When compiled with --features browser, these become callable from JavaScript. Without the feature, they are plain Rust methods used by the component crate.

Browser Shim

The browser shim crate depends on brand-core with the browser feature and adds DOM glue:

# brand/Cargo.toml
[dependencies]
my-brand-core = { path = "../brand-core", features = ["browser"] }
wasm-bindgen = "0.2"
web-sys = { version = "0.3", features = ["Document", "Window", "Element"] }
// brand/src/lib.rs
pub use my_brand_core::MyBrandSim;

use wasm_bindgen::prelude::*;

#[wasm_bindgen(start)]
fn run() -> Result<(), JsValue> {
    // DOM setup: hide loading indicator, start clock, etc.
    Ok(())
}

Building for the Browser

# Using wasm-pack (recommended)
wasm-pack build my-brand/brand/ --target web --out-dir ../../clients/html/pkg

# Or using cargo directly
cargo build --target wasm32-unknown-unknown -p my-brand --release

wasm-pack produces a pkg/ directory with:

File Purpose
my_brand.js JavaScript glue with init() default export and class re-exports
my_brand_bg.wasm The compiled WASM binary
my_brand.d.ts TypeScript type definitions
package.json npm-compatible package metadata

JavaScript Integration

The HTML client imports the wasm-pack output and wraps it in a runtime:

// sim-bridge.js
import init, { MyBrandSim } from "../../pkg/my_brand.js";

export async function createSim(wasmUrl) {
  await init(wasmUrl); // Load and instantiate the WASM module
  return new MyBrandSim(); // Call the #[wasm_bindgen(constructor)]
}

The JavaScript runtime drives the clock and calls methods directly:

const sim = await createSim();

// Game loop
function frame() {
  sim.tick();
  const state = sim.query_state(); // Direct method call
  render(state);
  requestAnimationFrame(frame);
}
requestAnimationFrame(frame);

This is fundamentally different from the server path, where the host drives the clock and the brand only responds to lifecycle hooks.

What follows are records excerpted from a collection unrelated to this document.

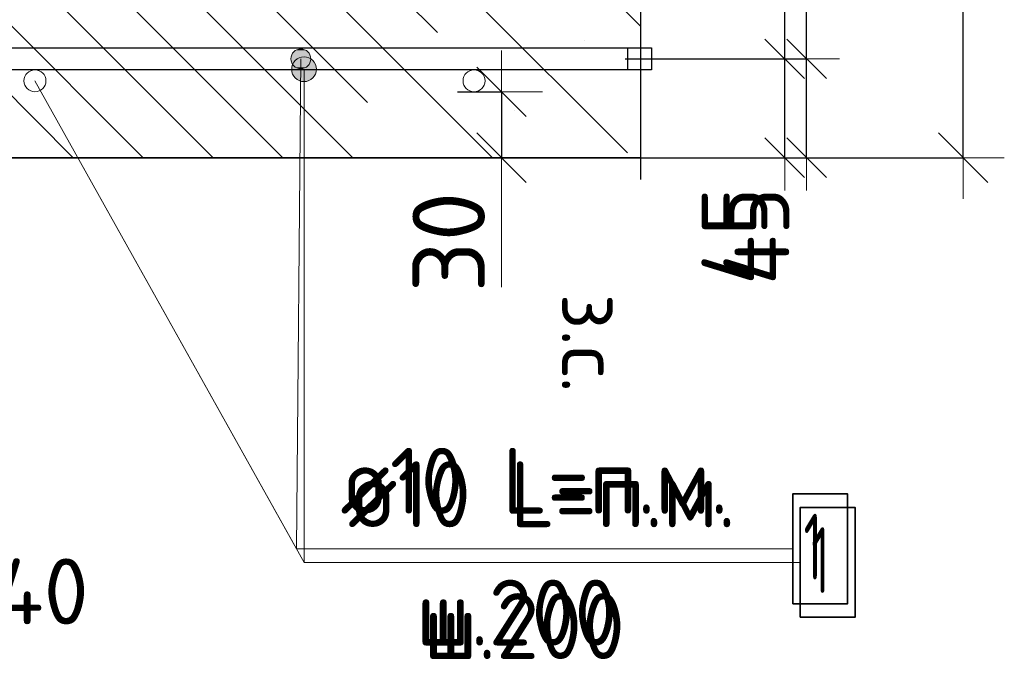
# Model space of a CAD drawing. Header units: metres. Extents: x -38 to 97, y -15 to 21.
# Tile 81 of 256: x 72.334 to 72.783, y 0.815 to 1.113. Entities that reach past the tile are written whole.
import ezdxf

# ---------------------------------------------------------------- set-up
doc = ezdxf.new("R2010")
doc.units = ezdxf.units.M
doc.header["$PDMODE"] = 65
doc.linetypes.add('______4', pattern=[0.135, 0.105, -0.03])
for name, color, linetype, lineweight in [('XR$4$Арм. стержнями нижней зоны', 180, 'Continuous', 35), ('XR$4$Арм.стержн. Арматура края', 96, 'Continuous', 35), ('XR$4$ВК__отв в полу 1-2 эт', 220, 'Continuous', 25), ('XR$4$Размерная линия (1)', 7, 'Continuous', 13), ('XR$4$Размерная линия_ общее', 7, 'Continuous', 13), ('XR$5$Арм. стержнями нижней зоны', 180, 'Continuous', 35), ('XR$5$Арм.стержн. Арматура края', 96, 'Continuous', 35), ('XR$5$ВК__отв в полу 1-2 эт', 220, 'Continuous', 25), ('XR$5$Размерная линия (1)', 7, 'Continuous', 13), ('XR$5$Размерная линия_ общее', 7, 'Continuous', 13)]:
    doc.layers.add(name, color=color, linetype=linetype, lineweight=lineweight)
doc.styles.add('ISOCPEUR', font='txt')
doc.dimstyles.new('DIMSTYLE_11', dxfattribs={"dimtxt": 0.033, "dimasz": 0.0375, "dimexe": 0, "dimexo": 0, "dimgap": 0.0165, "dimtad": 2, "dimdec": 0, "dimlfac": 1000, "dimrnd": 1, "dimzin": 12, "dimdsep": 46, "dimtxsty": 'ISOCPEUR', "dimblk1": 'ALL_ML_STRICH', "dimblk2": 'ALL_ML_STRICH', "dimsah": 1, "dimcen": 0, "dimclrd": 7, "dimclre": 256, "dimclrt": 7, "dimadec": 0, "dimazin": 0, "dimtfac": 1, "dimtdec": 0, "dimtix": 1, "dimtmove": 2, "dimatfit": 3, "dimfxl": 0, "dimtvp": 1.2, "dimtzin": 0, "dimlwd": 0, "dimlwe": -3, "dimarcsym": 0})
doc.dimstyles.new('DIMSTYLE_12', dxfattribs={"dimtxt": 0.03, "dimasz": 0.03, "dimexe": 0, "dimexo": 0, "dimgap": 0.015, "dimtad": 2, "dimdec": 0, "dimlfac": 1000, "dimrnd": 1, "dimzin": 12, "dimdsep": 46, "dimtxsty": 'ISOCPEUR', "dimblk1": 'ALL_ML_STRICH', "dimblk2": 'ALL_ML_STRICH', "dimsah": 1, "dimcen": 0, "dimclrd": 7, "dimclre": 256, "dimclrt": 7, "dimadec": 0, "dimazin": 0, "dimtfac": 1, "dimtdec": 0, "dimtix": 1, "dimtmove": 2, "dimatfit": 3, "dimfxl": 0, "dimtzin": 0, "dimlwd": 0, "dimlwe": -3, "dimarcsym": 0})
doc.dimstyles.new('DIMSTYLE_14', dxfattribs={"dimtxt": 0.03, "dimasz": 0.03, "dimexe": 0, "dimexo": 0, "dimgap": 0.015, "dimtad": 2, "dimdec": 0, "dimlfac": 1000, "dimrnd": 1, "dimzin": 12, "dimdsep": 46, "dimtxsty": 'ISOCPEUR', "dimblk1": 'ALL_ML_STRICH', "dimblk2": 'ALL_ML_STRICH', "dimsah": 1, "dimcen": 0, "dimclrd": 7, "dimclre": 256, "dimclrt": 7, "dimadec": 0, "dimazin": 0, "dimtfac": 1, "dimtdec": 0, "dimtix": 1, "dimtmove": 2, "dimatfit": 3, "dimfxl": 0, "dimtvp": 1.2, "dimtzin": 0, "dimlwd": 0, "dimlwe": -3, "dimarcsym": 0})
doc.dimstyles.new('DIMSTYLE_23', dxfattribs={"dimtxt": 0.03, "dimasz": 0.03, "dimexe": 0, "dimexo": 0, "dimgap": 0.015, "dimtad": 2, "dimdec": 0, "dimlfac": 1000, "dimrnd": 5, "dimzin": 12, "dimdsep": 46, "dimtxsty": 'ISOCPEUR', "dimblk1": 'ALL_ML_STRICH', "dimblk2": 'ALL_ML_STRICH', "dimsah": 1, "dimcen": 0, "dimclrd": 7, "dimclre": 256, "dimclrt": 7, "dimadec": 0, "dimazin": 0, "dimtfac": 1, "dimtdec": 0, "dimtix": 1, "dimtmove": 2, "dimatfit": 3, "dimfxl": 0, "dimtvp": 1.2, "dimtzin": 0, "dimlwd": 0, "dimlwe": -3, "dimarcsym": 0})
doc.dimstyles.new('DIMSTYLE_8', dxfattribs={"dimtxt": 0.033, "dimasz": 0.0375, "dimexe": 0, "dimexo": 0, "dimgap": 0.0165, "dimtad": 2, "dimdec": 0, "dimlfac": 1000, "dimrnd": 1, "dimzin": 12, "dimdsep": 46, "dimtxsty": 'ISOCPEUR', "dimblk1": 'ALL_ML_STRICH', "dimblk2": 'ALL_ML_STRICH', "dimsah": 1, "dimcen": 0, "dimclrd": 7, "dimclre": 256, "dimclrt": 7, "dimadec": 0, "dimazin": 0, "dimtfac": 1, "dimtdec": 0, "dimtix": 1, "dimtmove": 2, "dimatfit": 3, "dimfxl": 0, "dimtzin": 0, "dimlwd": 0, "dimlwe": -3, "dimarcsym": 0})
pattern_1 = [(135, (0, 0), (-0.031819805, -0.031819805), [0.4, -0.05, 0, -0.05]), (135, (-0.01591, -0.01591), (-0.031819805, -0.031819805), [0.8, -0.1, 0.1, -0.1])]

# ---------------------------------------------------------------- blocks, each defined once
blk = doc.blocks.new('ALL_ML_STRICH')
at = {"color": 0, "linetype": 'ByBlock', "lineweight": -2}
for p, q in [((0, -0.5), (0, 0.5)), ((-0.3, -0.3), (0.3, 0.3)), ((-1, 0), (0.5, 0))]:
    blk.add_line(p, q, dxfattribs=at)
blk = doc.blocks.new('*D365')
at = {"layer": 'DEFPOINTS', "color": 7, "linetype": 'Continuous', "lineweight": 13, "transparency": 33554687}
for p in [(72.59237, 1.24971), (72.59237, 1.04971), (72.76392, 1.04971)]:
    blk.add_point(p, dxfattribs=at)
at = {"layer": 'XR$4$Размерная линия_ общее', "color": 253, "linetype": 'Continuous', "lineweight": -2, "true_color": 0xa0a0a0, "transparency": 33554687}
for p, q in [((72.61237, 1.24971), (72.76392, 1.24971)), ((72.61237, 1.04971), (72.76392, 1.04971))]:
    blk.add_line(p, q, dxfattribs=at)
at = {"layer": 'XR$4$Размерная линия_ общее', "color": 7, "linetype": 'Continuous', "lineweight": -2, "transparency": 33554687}
blk.add_line((72.76392, 1.04971), (72.76392, 1.24971), dxfattribs=at)
at = {"layer": 'XR$4$Размерная линия_ общее', "color": 7, "linetype": 'Continuous', "lineweight": 13, "transparency": 33554687, "xscale": 0.0375, "yscale": 0.0375, "zscale": 0.0375}
for p, rotation in [((72.76392, 1.24971), 90), ((72.76392, 1.04971), 270)]:
    blk.add_blockref('ALL_ML_STRICH', p, dxfattribs=dict(at, rotation=rotation))
at = {"layer": 'XR$4$Размерная линия_ общее', "color": 7, "linetype": 'Continuous', "lineweight": 13, "transparency": 33554687, "insert": (72.73992, 1.15136), "char_height": 0.033, "width": 0.099, "attachment_point": 5, "rotation": 90, "style": 'ISOCPEUR'}
blk.add_mtext('\\A1;{200}', dxfattribs=at)
blk = doc.blocks.new('*D510')
at = {"layer": 'DEFPOINTS', "color": 7, "linetype": 'Continuous', "lineweight": 13, "transparency": 33554687}
for p in [(72.58998, 1.09471), (72.60283, 1.04971), (72.68264, 1.04971)]:
    blk.add_point(p, dxfattribs=at)
at = {"layer": 'XR$4$Размерная линия (1)', "color": 9, "linetype": 'Continuous', "lineweight": -2, "true_color": 0xc7c7c7, "transparency": 33554687}
for p, q in [((72.60998, 1.09471), (72.68264, 1.09471)), ((72.62283, 1.04971), (72.68264, 1.04971))]:
    blk.add_line(p, q, dxfattribs=at)
at = {"layer": 'XR$4$Размерная линия (1)', "color": 7, "linetype": 'Continuous', "lineweight": -2, "transparency": 33554687}
blk.add_line((72.68264, 1.04971), (72.68264, 1.09471), dxfattribs=at)
at = {"layer": 'XR$4$Размерная линия (1)', "color": 7, "linetype": 'Continuous', "lineweight": 13, "transparency": 33554687, "xscale": 0.03, "yscale": 0.03, "zscale": 0.03}
for p, rotation in [((72.68264, 1.09471), 90), ((72.68264, 1.04971), 270)]:
    blk.add_blockref('ALL_ML_STRICH', p, dxfattribs=dict(at, rotation=rotation))
at = {"layer": 'XR$4$Размерная линия (1)', "color": 7, "linetype": 'Continuous', "lineweight": 13, "transparency": 33554687, "insert": (72.65978, 1.01397), "char_height": 0.03, "width": 0.06, "attachment_point": 5, "rotation": 90, "style": 'ISOCPEUR'}
blk.add_mtext('\\A1;{45}', dxfattribs=at)
blk = doc.blocks.new('*D511')
at = {"layer": 'DEFPOINTS', "color": 7, "linetype": 'Continuous', "lineweight": 13, "transparency": 33554687}
for p in [(72.59701, 1.21871), (72.58998, 1.09471), (72.68264, 1.09471)]:
    blk.add_point(p, dxfattribs=at)
at = {"layer": 'XR$4$Размерная линия (1)', "color": 9, "linetype": 'Continuous', "lineweight": -2, "true_color": 0xc7c7c7, "transparency": 33554687}
for p, q in [((72.61701, 1.21871), (72.68264, 1.21871)), ((72.60998, 1.09471), (72.68264, 1.09471))]:
    blk.add_line(p, q, dxfattribs=at)
at = {"layer": 'XR$4$Размерная линия (1)', "color": 7, "linetype": 'Continuous', "lineweight": -2, "transparency": 33554687}
blk.add_line((72.68264, 1.09471), (72.68264, 1.21871), dxfattribs=at)
at = {"layer": 'XR$4$Размерная линия (1)', "color": 7, "linetype": 'Continuous', "lineweight": 13, "transparency": 33554687, "xscale": 0.03, "yscale": 0.03, "zscale": 0.03}
for p, rotation in [((72.68264, 1.21871), 90), ((72.68264, 1.09471), 270)]:
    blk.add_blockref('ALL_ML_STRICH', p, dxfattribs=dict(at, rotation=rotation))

Verifying Both Targets Build

After any change to brand-core, verify both targets compile:

# Server component
cargo build --target wasm32-wasip2 -p my-brand-component

# Browser shim
cargo build --target wasm32-unknown-unknown -p my-brand

Both should succeed without errors. If the brand-core uses cfg(target_arch = "wasm32") anywhere, verify it works for both targets — wasm32-wasip2 and wasm32-unknown-unknown both report target_arch = "wasm32". Use feature flags (e.g. #[cfg(feature = "browser")]) instead of target-arch checks to distinguish browser from component builds.

:::caution Avoid cfg(target_arch) for Browser Detection Both WASM targets set target_arch = "wasm32". If you gate browser-only code behind cfg(target_arch = "wasm32"), it will also compile into the server component. Use cfg(feature = "browser") instead. :::

Testing

The brand-core tests run on the native target with standard cargo test:

cargo test -p my-brand-core

Browser-specific integration tests (e.g. testing wasm-bindgen API shapes) run under the rally-brand test harness:

cargo test -p my-brand

For end-to-end browser testing, use a manual smoke test or a Playwright/Puppeteer script against the HTML client served locally.